The large graph shown to the audience illustrated the difference between HCG and Placebo. The HCG group lost an average of 13 pounds in a month, and the Placebo group lost an average of 15 pounds in a month. The weight loss in each group is similar. The striking difference is that the HCG group lost only 2 pounds of muscle, but the Placebo group lost 5 pounds of muscle. This was a significant difference. Anytime muscle is lost from the body frame, it hurts metabolism and puts someone at risk for regaining weight; this is what happens with Placebo or diet alone.
This leads us to conclude that the likely reason why HCG helps someone lose weight differently and better than with diet alone is because it spares muscle. This also helps explain why I do not see rebound weight gain with my patients. This is the first modern clinical trial to demonstrate how HCG may be working for lasting weight loss.
Why are people claiming that HCG causes regaining of weight?
The answer can be very simple. Many people who claim to have lost weight with HCG have only used the drops, which we now know cannot be absorbed. It is the same as dieting alone. That’s why people gain the weight back. The only way we have been able to demonstrate a protection against regaining weight is with the use of HCG injections.

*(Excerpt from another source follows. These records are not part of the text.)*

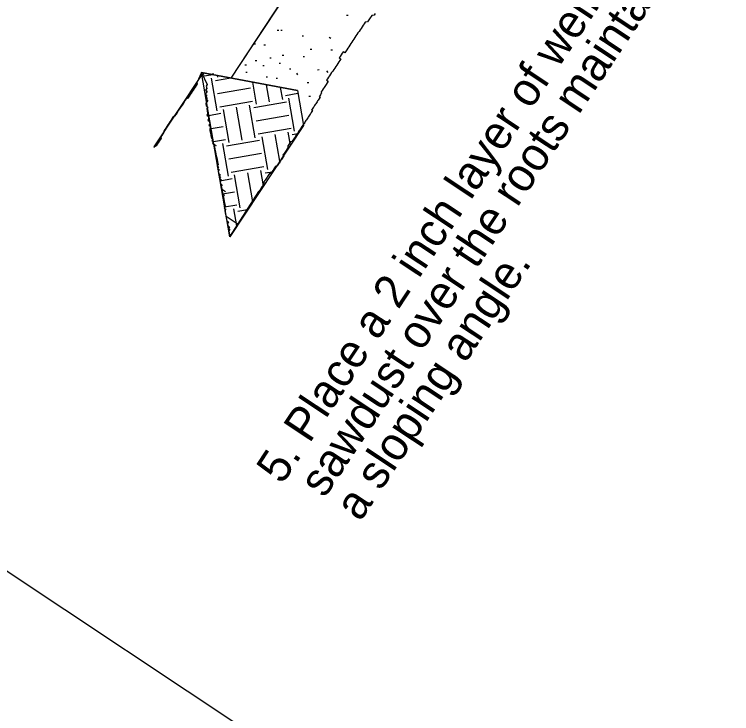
# Model space of a CAD drawing. Extents: x 561231 to 564240, y 590260 to 602519.
# Drawn here: x 563562.9 to 563643.1, y 590442.9 to 590521.1 of the extents above; entities that cross this region are included whole.
import ezdxf

# ---------------------------------------------------------------- set-up
doc = ezdxf.new("R2010")
doc.units = 0
doc.layers.add('Old_Level_1', color=7, linetype='Continuous')

msp = doc.modelspace()

# ---------------------------------------------------------------- linework, layer by layer
at = {"layer": 'Old_Level_1'}
for p, q in [((563587.103, 590513.976), (563592.802, 590522.566)), ((563587.666, 590514.825), (563592.806, 590522.572)), ((563600.035, 590521.027), (563600.201, 590521.028)), ((563592.268, 590519.336), (563592.434, 590519.337)), ((563592.663, 590519.325), (563592.828, 590519.325)), ((563595.062, 590518.691), (563595.227, 590518.692)), ((563598.077, 590518.561), (563598.262, 590518.466)), ((563589.854, 590517.747), (563589.733, 590517.937)), ((563590.783, 590517.705), (563590.949, 590517.706)), ((563595.972, 590517.233), (563596.138, 590517.233)), ((563592.834, 590516.546), (563592.999, 590516.547)), ((563595.161, 590516.412), (563595.326, 590516.413)), ((563598.277, 590517.162), (563598.442, 590517.162)), ((563589.811, 590515.935), (563589.977, 590515.936)), ((563591.439, 590516.265), (563591.604, 590516.265)), ((563592.474, 590515.644), (563592.639, 590515.644)), ((563588.659, 590515.459), (563588.824, 590515.46)), ((563590.649, 590515.379), (563590.815, 590515.38)), ((563593.629, 590515.013), (563593.795, 590515.013)), ((563596.794, 590514.926), (563596.959, 590514.927)), ((563583.836, 590514.387), (563578.46, 590506.281)), ((563583.842, 590514.396), (563578.466, 590506.291)), ((563586.951, 590496.248), (563583.813, 590514.593)), ((563583.813, 590514.593), (563594.535, 590512.583)), ((563594.535, 590512.583), (563583.813, 590514.593)), ((563583.879, 590514.21), (563584.098, 590514.54)), ((563585.064, 590514.359), (563583.888, 590514.156)), ((563585.006, 590514.468), (563585.171, 590514.468)), ((563585.623, 590514.104), (563585.597, 590514.259)), ((563588.744, 590514.631), (563588.909, 590514.631)), ((563591.025, 590514.123), (563591.191, 590514.124)), ((563594.583, 590514.335), (563594.462, 590514.525)), ((563597.954, 590514.604), (563597.833, 590514.794)), ((563585.548, 590510.316), (563584.917, 590513.982)), ((563587.089, 590513.979), (563585.347, 590513.679)), ((563589.948, 590511.074), (563589.527, 590513.522)), ((563591.415, 590511.326), (563591.087, 590513.23)), ((563592.142, 590513.986), (563592.308, 590513.987)), ((563595.634, 590513.482), (563595.799, 590513.483)), ((563589.266, 590512.843), (563585.599, 590512.212)), ((563592.881, 590511.579), (563592.648, 590512.937)), ((563594.535, 590512.583), (563595.192, 590508.671)), ((563594.541, 590512.593), (563595.199, 590508.68)), ((563584.312, 590511.676), (563584.416, 590511.607)), ((563594.591, 590512.251), (563593.184, 590512.009)), ((563594.214, 590508.059), (563593.583, 590511.726)), ((563595.824, 590511.947), (563595.99, 590511.947)), ((563589.518, 590511.377), (563585.852, 590510.746)), ((563589.814, 590507.302), (563589.183, 590510.968)), ((563593.311, 590511.275), (563589.645, 590510.644)), ((563585.978, 590510.012), (563584.637, 590509.781)), ((563586.881, 590506.796), (563586.25, 590510.463)), ((563588.348, 590507.049), (563587.716, 590510.716)), ((563593.564, 590509.809), (563589.897, 590509.177)), ((563586.231, 590508.546), (563584.887, 590508.314)), ((563595.192, 590508.671), (563586.951, 590496.248)), ((563593.816, 590508.342), (563590.15, 590507.711)), ((563592.556, 590504.697), (563592.042, 590507.686)), ((563593.755, 590506.504), (563593.508, 590507.938)), ((563594.578, 590507.744), (563593.938, 590507.634)), ((563586.483, 590507.079), (563585.138, 590506.847)), ((563590.272, 590507.003), (563586.605, 590506.371)), ((563591.206, 590503.766), (563590.575, 590507.432)), ((563585.18, 590506.603), (563585.423, 590506.441)), ((563586.807, 590503.008), (563586.175, 590506.675)), ((563590.524, 590505.536), (563586.858, 590504.905)), ((563590.777, 590504.07), (563587.11, 590503.439)), ((563590.736, 590501.953), (563590.441, 590503.661)), ((563588.14, 590499.489), (563587.509, 590503.156)), ((563589.537, 590500.146), (563588.975, 590503.409)), ((563591.751, 590503.482), (563590.903, 590503.337)), ((563587.237, 590502.705), (563585.887, 590502.473)), ((563586.035, 590501.605), (563586.482, 590501.308)), ((563587.49, 590501.238), (563586.137, 590501.006)), ((563587.742, 590499.772), (563586.388, 590499.539)), ((563587.761, 590497.468), (563587.434, 590499.368)), ((563588.943, 590499.25), (563587.864, 590499.064)), ((563586.558, 590498.545), (563587.889, 590497.662)), ((563586.903, 590496.531), (563587.067, 590496.422))]:
    msp.add_line(p, q, dxfattribs=at)
msp.add_lwpolyline([(563698.589, 591448.685), (563200.53, 590699.06), (563725.267, 590350.419), (564223.327, 591100.044)], close=True, dxfattribs=at)
for points in [[(563603.233, 590521.199), (563603.12, 590521.028), (563602.836, 590520.97), (563602.609, 590520.628), (563602.383, 590520.287), (563602.099, 590520.23), (563601.985, 590520.059), (563601.872, 590519.888), (563601.759, 590519.717), (563601.646, 590519.546), (563601.532, 590519.376), (563601.419, 590519.205), (563601.306, 590519.034), (563601.193, 590518.864), (563601.079, 590518.693), (563600.966, 590518.522), (563600.853, 590518.351), (563600.739, 590518.18), (563600.626, 590518.01), (563600.513, 590517.839), (563600.4, 590517.668), (563600.286, 590517.497), (563600.173, 590517.327), (563600.06, 590517.155), (563599.833, 590516.814), (563599.662, 590516.928), (563599.549, 590516.757), (563599.435, 590516.586), (563599.322, 590516.415), (563599.209, 590516.245), (563599.38, 590516.131), (563599.266, 590515.96), (563599.153, 590515.789), (563599.04, 590515.619), (563598.927, 590515.448), (563598.814, 590515.277), (563598.7, 590515.107), (563598.587, 590514.936), (563598.474, 590514.765), (563598.36, 590514.594), (563598.247, 590514.424), (563598.134, 590514.253), (563598.021, 590514.082), (563597.907, 590513.911), (563597.794, 590513.74), (563597.965, 590513.627), (563597.739, 590513.285), (563597.512, 590512.944), (563597.399, 590512.773), (563597.285, 590512.603), (563597.172, 590512.431), (563597.133, 590512.372)], [(563583.813, 590514.593), (563583.282, 590513.47), (563583.311, 590513.328), (563583.198, 590513.157), (563583.084, 590512.986), (563582.971, 590512.816), (563582.857, 590512.645), (563582.744, 590512.475), (563582.631, 590512.304), (563582.518, 590512.133), (563582.405, 590511.962), (563582.235, 590511.706), (563582.092, 590511.677), (563581.979, 590511.506), (563581.809, 590511.25), (563581.696, 590511.08), (563581.526, 590510.823), (563581.413, 590510.653), (563581.243, 590510.396), (563581.073, 590510.14), (563580.959, 590509.969), (563580.79, 590509.713), (563580.591, 590509.599), (563580.478, 590509.428), (563580.365, 590509.258), (563580.252, 590509.087), (563580.138, 590508.916), (563580.025, 590508.745), (563579.912, 590508.575), (563579.798, 590508.404), (563579.685, 590508.233), (563579.572, 590508.062), (563579.6, 590507.921), (563579.487, 590507.749), (563579.374, 590507.579), (563579.261, 590507.408), (563579.289, 590507.266), (563579.176, 590507.095), (563579.062, 590506.924), (563578.949, 590506.754), (563578.836, 590506.583), (563578.723, 590506.412), (563578.524, 590506.298), (563578.468, 590506.213)], [(563583.813, 590514.593), (563584.433, 590513.258), (563584.32, 590513.088), (563584.378, 590512.804), (563584.265, 590512.633), (563584.436, 590512.52), (563584.322, 590512.349), (563584.209, 590512.178), (563584.38, 590512.065), (563584.266, 590511.894), (563584.437, 590511.781), (563584.324, 590511.61), (563584.495, 590511.496), (563584.382, 590511.326), (563584.268, 590511.155), (563584.326, 590510.871), (563584.497, 590510.758), (563584.384, 590510.587), (563584.441, 590510.303), (563584.499, 590510.019), (563584.385, 590509.848), (563584.557, 590509.735), (563584.614, 590509.45), (563584.501, 590509.28), (563584.672, 590509.166), (563584.729, 590508.882), (563584.616, 590508.711), (563584.787, 590508.598), (563584.731, 590508.143), (563584.789, 590507.859), (563584.846, 590507.575), (563584.904, 590507.291), (563585.075, 590507.178), (563584.961, 590507.007), (563585.133, 590506.894), (563585.019, 590506.723), (563585.19, 590506.61), (563585.248, 590506.325), (563585.305, 590506.041), (563585.363, 590505.757), (563585.42, 590505.473), (563585.478, 590505.189), (563585.535, 590504.905), (563585.593, 590504.621), (563585.651, 590504.336), (563585.538, 590504.166), (563585.708, 590504.052), (563585.595, 590503.881), (563585.766, 590503.768), (563585.652, 590503.597), (563585.71, 590503.313), (563585.881, 590503.2), (563585.768, 590503.029), (563585.939, 590502.916), (563585.826, 590502.745), (563585.997, 590502.632), (563585.883, 590502.461), (563585.941, 590502.177), (563586.112, 590502.064), (563585.998, 590501.893), (563586.056, 590501.609), (563586.113, 590501.325), (563586.171, 590501.04), (563586.342, 590500.927), (563586.228, 590500.756), (563586.286, 590500.472), (563586.344, 590500.188), (563586.402, 590499.904), (563586.459, 590499.62), (563586.345, 590499.449), (563586.516, 590499.336), (563586.403, 590499.165), (563586.461, 590498.881), (563586.519, 590498.597), (563586.576, 590498.313), (563586.634, 590498.028), (563586.804, 590497.915), (563586.691, 590497.745), (563586.749, 590497.46), (563586.92, 590497.347), (563586.807, 590497.176), (563586.977, 590497.063), (563586.864, 590496.892), (563586.951, 590496.248), (563586.951, 590496.248)], [(563597.172, 590512.431), (563597.228, 590512.309), (563597.16, 590512.208), (563597.093, 590512.106), (563597.025, 590512.004), (563596.958, 590511.903), (563597.059, 590511.836), (563596.992, 590511.734), (563596.925, 590511.632), (563596.857, 590511.53), (563596.789, 590511.429), (563596.723, 590511.327), (563596.655, 590511.226), (563596.588, 590511.125), (563596.52, 590511.023), (563596.453, 590510.921), (563596.385, 590510.819), (563596.318, 590510.718), (563596.25, 590510.616), (563596.183, 590510.514), (563596.116, 590510.413), (563596.218, 590510.346), (563596.15, 590510.244), (563596.083, 590510.142), (563596.015, 590510.04), (563595.948, 590509.939), (563595.881, 590509.837), (563595.813, 590509.736), (563595.746, 590509.634), (563595.678, 590509.533), (563595.611, 590509.431), (563595.543, 590509.329), (563595.476, 590509.228), (563595.408, 590509.126), (563595.341, 590509.024), (563595.274, 590508.923), (563595.206, 590508.821), (563595.139, 590508.719), (563595.072, 590508.618), (563595.004, 590508.517), (563594.937, 590508.415), (563594.869, 590508.313), (563594.802, 590508.211), (563594.735, 590508.11), (563594.667, 590508.008), (563594.6, 590507.906), (563594.532, 590507.804), (563594.465, 590507.703), (563594.398, 590507.602), (563594.33, 590507.5), (563594.263, 590507.398), (563594.195, 590507.297), (563594.128, 590507.195), (563594.06, 590507.093), (563593.993, 590506.992), (563593.926, 590506.89), (563593.756, 590506.856), (563593.689, 590506.755), (563593.621, 590506.653), (563593.554, 590506.551), (563593.487, 590506.45), (563593.419, 590506.348), (563593.521, 590506.281), (563593.453, 590506.179), (563593.386, 590506.077), (563593.319, 590505.976), (563593.252, 590505.874), (563593.184, 590505.772), (563593.117, 590505.671), (563593.049, 590505.569), (563592.982, 590505.467), (563592.914, 590505.366), (563593.016, 590505.299), (563592.948, 590505.197), (563592.881, 590505.095), (563592.814, 590504.994), (563592.746, 590504.892), (563592.679, 590504.791), (563592.611, 590504.689), (563592.544, 590504.587), (563592.477, 590504.486), (563592.409, 590504.384), (563592.342, 590504.282), (563592.274, 590504.181), (563592.106, 590504.147), (563592.038, 590504.045), (563591.971, 590503.943), (563591.903, 590503.841), (563591.836, 590503.74), (563591.769, 590503.638), (563591.701, 590503.537), (563591.634, 590503.435), (563591.566, 590503.334), (563591.397, 590503.3), (563591.33, 590503.198), (563591.262, 590503.096), (563591.194, 590502.994), (563591.128, 590502.893), (563591.06, 590502.791), (563590.993, 590502.69), (563590.925, 590502.588)], [(563590.925, 590502.588), (563590.858, 590502.486), (563590.791, 590502.385), (563590.723, 590502.283), (563590.757, 590502.114), (563590.69, 590502.013), (563590.623, 590501.911), (563590.555, 590501.809), (563590.488, 590501.707), (563590.42, 590501.606), (563590.353, 590501.504), (563590.286, 590501.403), (563590.218, 590501.301), (563586.951, 590496.248), (563586.951, 590496.248), (563590.218, 590501.301)]]:
    msp.add_lwpolyline(points, dxfattribs=at)

# ---------------------------------------------------------------- texts
for s, p in [(' the root collar is at ground level.', (563526.807, 590512.221)), ('5. Place a 2 inch layer of well rotted ', (563592.813, 590468.438)), (' sawdust over the roots maintaining ', (563596.799, 590465.794)), (' a sloping angle.', (563600.785, 590463.149))]:
    msp.add_text(s, height=3.72047, rotation=56.44242, dxfattribs=at).set_placement(p)

doc.saveas('drawing.dxf')
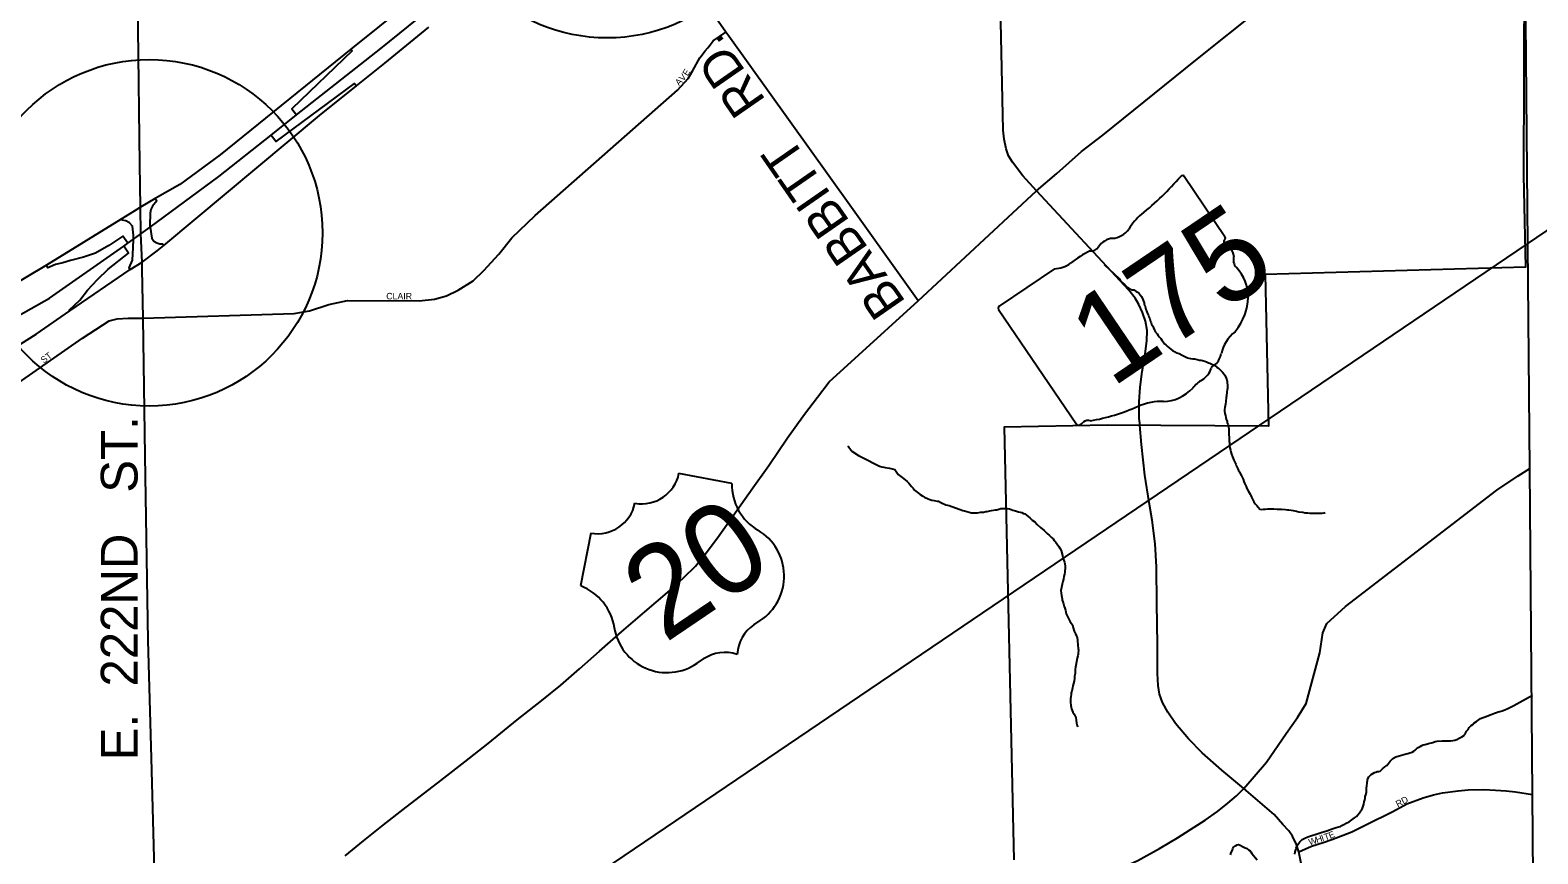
# Model space of a CAD drawing. Extents: x 2139079 to 2262683, y 1235796 to 1334992.
# Drawn here: x 2234072 to 2245568, y 1303635 to 1309915 of the extents above; entities that cross this region are included whole.
import ezdxf

# ---------------------------------------------------------------- set-up
doc = ezdxf.new("R2010")
doc.units = 0
for name, color, linetype in [('GM_X_Adjacent_County', 7, 'Continuous'), ('GM_X_City_Street', 7, 'Continuous'), ('GM_X_City_Street_Text', 7, 'Continuous'), ('GM_X_Interchange_Ramps', 7, 'Continuous'), ('GM_X_Interstate_Route', 7, 'Continuous'), ('GM_X_Minor_River', 7, 'Continuous'), ('GM_X_State_Location', 7, 'Continuous'), ('GM_X_State_Route', 7, 'Continuous'), ('GM_X_State_Shield', 7, 'Continuous'), ('GM_X_US_Location', 7, 'Continuous'), ('GM_X_US_Route', 7, 'Continuous'), ('GM_X_US_Shield', 7, 'Continuous'), ('SH_Text', 7, 'Continuous')]:
    doc.layers.add(name, color=color, linetype=linetype)

msp = doc.modelspace()

# ---------------------------------------------------------------- linework, layer by layer
at = {"layer": 'GM_X_Adjacent_County'}
msp.add_lwpolyline([(2245541, 1302192), (2245528, 1304087), (2245507, 1306573), (2245466, 1311124), (2245451, 1311744), (2245406, 1312275), (2245366, 1313013), (2245298, 1316197), (2245294, 1316360), (2245278, 1317130), (2245271, 1317437), (2245264, 1317789), (2245234, 1319644), (2245190, 1321250), (2245174, 1321990), (2245155, 1322872), (2245144, 1323376), (2245140, 1323785), (2245134, 1324581), (2245318, 1324775), (2245503, 1324980), (2245556, 1325020), (2245646, 1325055)], dxfattribs=at)
at = {"layer": 'GM_X_City_Street'}
for points in [[(2234909, 1308893), (2234870, 1311991), (2234797, 1316346), (2234781, 1316477)], [(2241391, 1313747), (2241308, 1313700), (2241239, 1313644), (2240849, 1313342), (2240048, 1312674), (2239503, 1312219), (2238476, 1311361), (2238395, 1311294), (2238315, 1311229), (2237753, 1310771), (2237032, 1310186), (2236735, 1309945), (2236518, 1309769), (2235520, 1308963), (2235213, 1308739), (2235026, 1308631), (2234914, 1308565), (2234865, 1308535)], [(2239398, 1309868), (2239376, 1309899), (2238560, 1311072), (2238478, 1311183), (2238395, 1311294)], [(2234926, 1308146), (2235041, 1308233), (2235092, 1308272), (2236278, 1309265), (2236560, 1309490), (2236776, 1309663), (2237111, 1309938)], [(2239257, 1309803), (2239281, 1309833), (2239376, 1309899)], [(2240321, 1308580), (2239398, 1309868)], [(2234934, 1307718), (2236085, 1307754), (2236202, 1307776), (2236350, 1307823), (2236491, 1307854), (2237039, 1307852), (2237154, 1307863), (2237247, 1307889), (2237336, 1307932), (2237449, 1308004), (2237530, 1308082), (2237645, 1308208), (2237745, 1308332), (2237923, 1308502), (2239008, 1309457), (2239090, 1309546), (2239124, 1309607), (2239179, 1309703), (2239220, 1309758), (2239239, 1309781), (2239257, 1309803)], [(2234927, 1308092), (2234926, 1308146), (2234917, 1308361), (2234914, 1308565), (2234909, 1308893)], [(2240844, 1307851), (2240321, 1308580)], [(2234865, 1308535), (2234767, 1308474), (2234196, 1308122), (2232556, 1307145), (2232165, 1306913), (2231754, 1306642), (2231295, 1306315)], [(2231412, 1306001), (2232025, 1306429), (2232297, 1306605), (2232573, 1306755), (2232743, 1306842), (2233049, 1306993), (2233510, 1307216), (2234119, 1307596), (2234374, 1307775), (2234835, 1308090), (2234926, 1308146)], [(2234934, 1307718), (2234927, 1308092)], [(2231078, 1305046), (2231495, 1305379), (2231714, 1305558), (2232083, 1305854), (2232970, 1306469), (2233503, 1306893), (2233761, 1307074), (2234472, 1307567), (2234675, 1307698), (2234735, 1307713), (2234819, 1307719), (2234934, 1307718)], [(2234950, 1306670), (2234934, 1307718)], [(2234997, 1304365), (2234973, 1305262), (2234950, 1306670)], [(2235037, 1302845), (2234997, 1304365)], [(2243746, 1303651), (2243841, 1303694), (2243931, 1303722), (2243998, 1303744), (2244149, 1303802), (2244261, 1303858), (2244463, 1303958), (2244569, 1304016), (2244693, 1304062), (2244773, 1304086), (2244841, 1304100), (2244961, 1304116), (2245037, 1304124), (2245157, 1304125), (2245245, 1304121), (2245325, 1304115), (2245398, 1304107), (2245528, 1304087)]]:
    msp.add_lwpolyline(points, dxfattribs=at)
at = {"layer": 'GM_X_Interchange_Ramps'}
for points in [[(2236518, 1309769), (2236528, 1309757), (2236067, 1309315), (2236104, 1309268)], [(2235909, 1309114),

What about recent studies?
There have not been any trials published in over 20 years. My trial is the first to show the difference in body composition between HCG and placebo.
Does this diet have to be done at 500 calories?
Any appropriate diet created by a nutritionist or weight-loss physician should involve a calculation of protein requirements to avoid muscle wasting. There should also be a consideration of activity level when planning an appropriate regimen. Dr. Emma’s Protocol does not require the use of 500 calories.
Why is this form of treatment still controversial?
The majority of studies conducted in the 1970s and 1980s looked strictly at weight loss, which wasn’t the whole picture. Through my clinical trials, it is now becoming evident that the value of using HCG is as an aid to protect muscle mass, and strengthen metabolism over time. These are the new parameters I am studying in my clinical trials.
Is this a Do-It-Yourself Diet?
This is not a Do-It-Yourself diet. If you are considering trying this diet, you should make sure it is done appropriately through a knowledgeable physician, or enroll in a clinical trial.
I am privileged to be a part of the research of medicine. The overwhelming response from patients telling me how this treatment regimen has changed their lives is what keeps me motivated. I am certain that this data I’ve discussed, along with continuing research, will show the medical community how this treatment is producing healthy and long-lasting weight loss in my patients.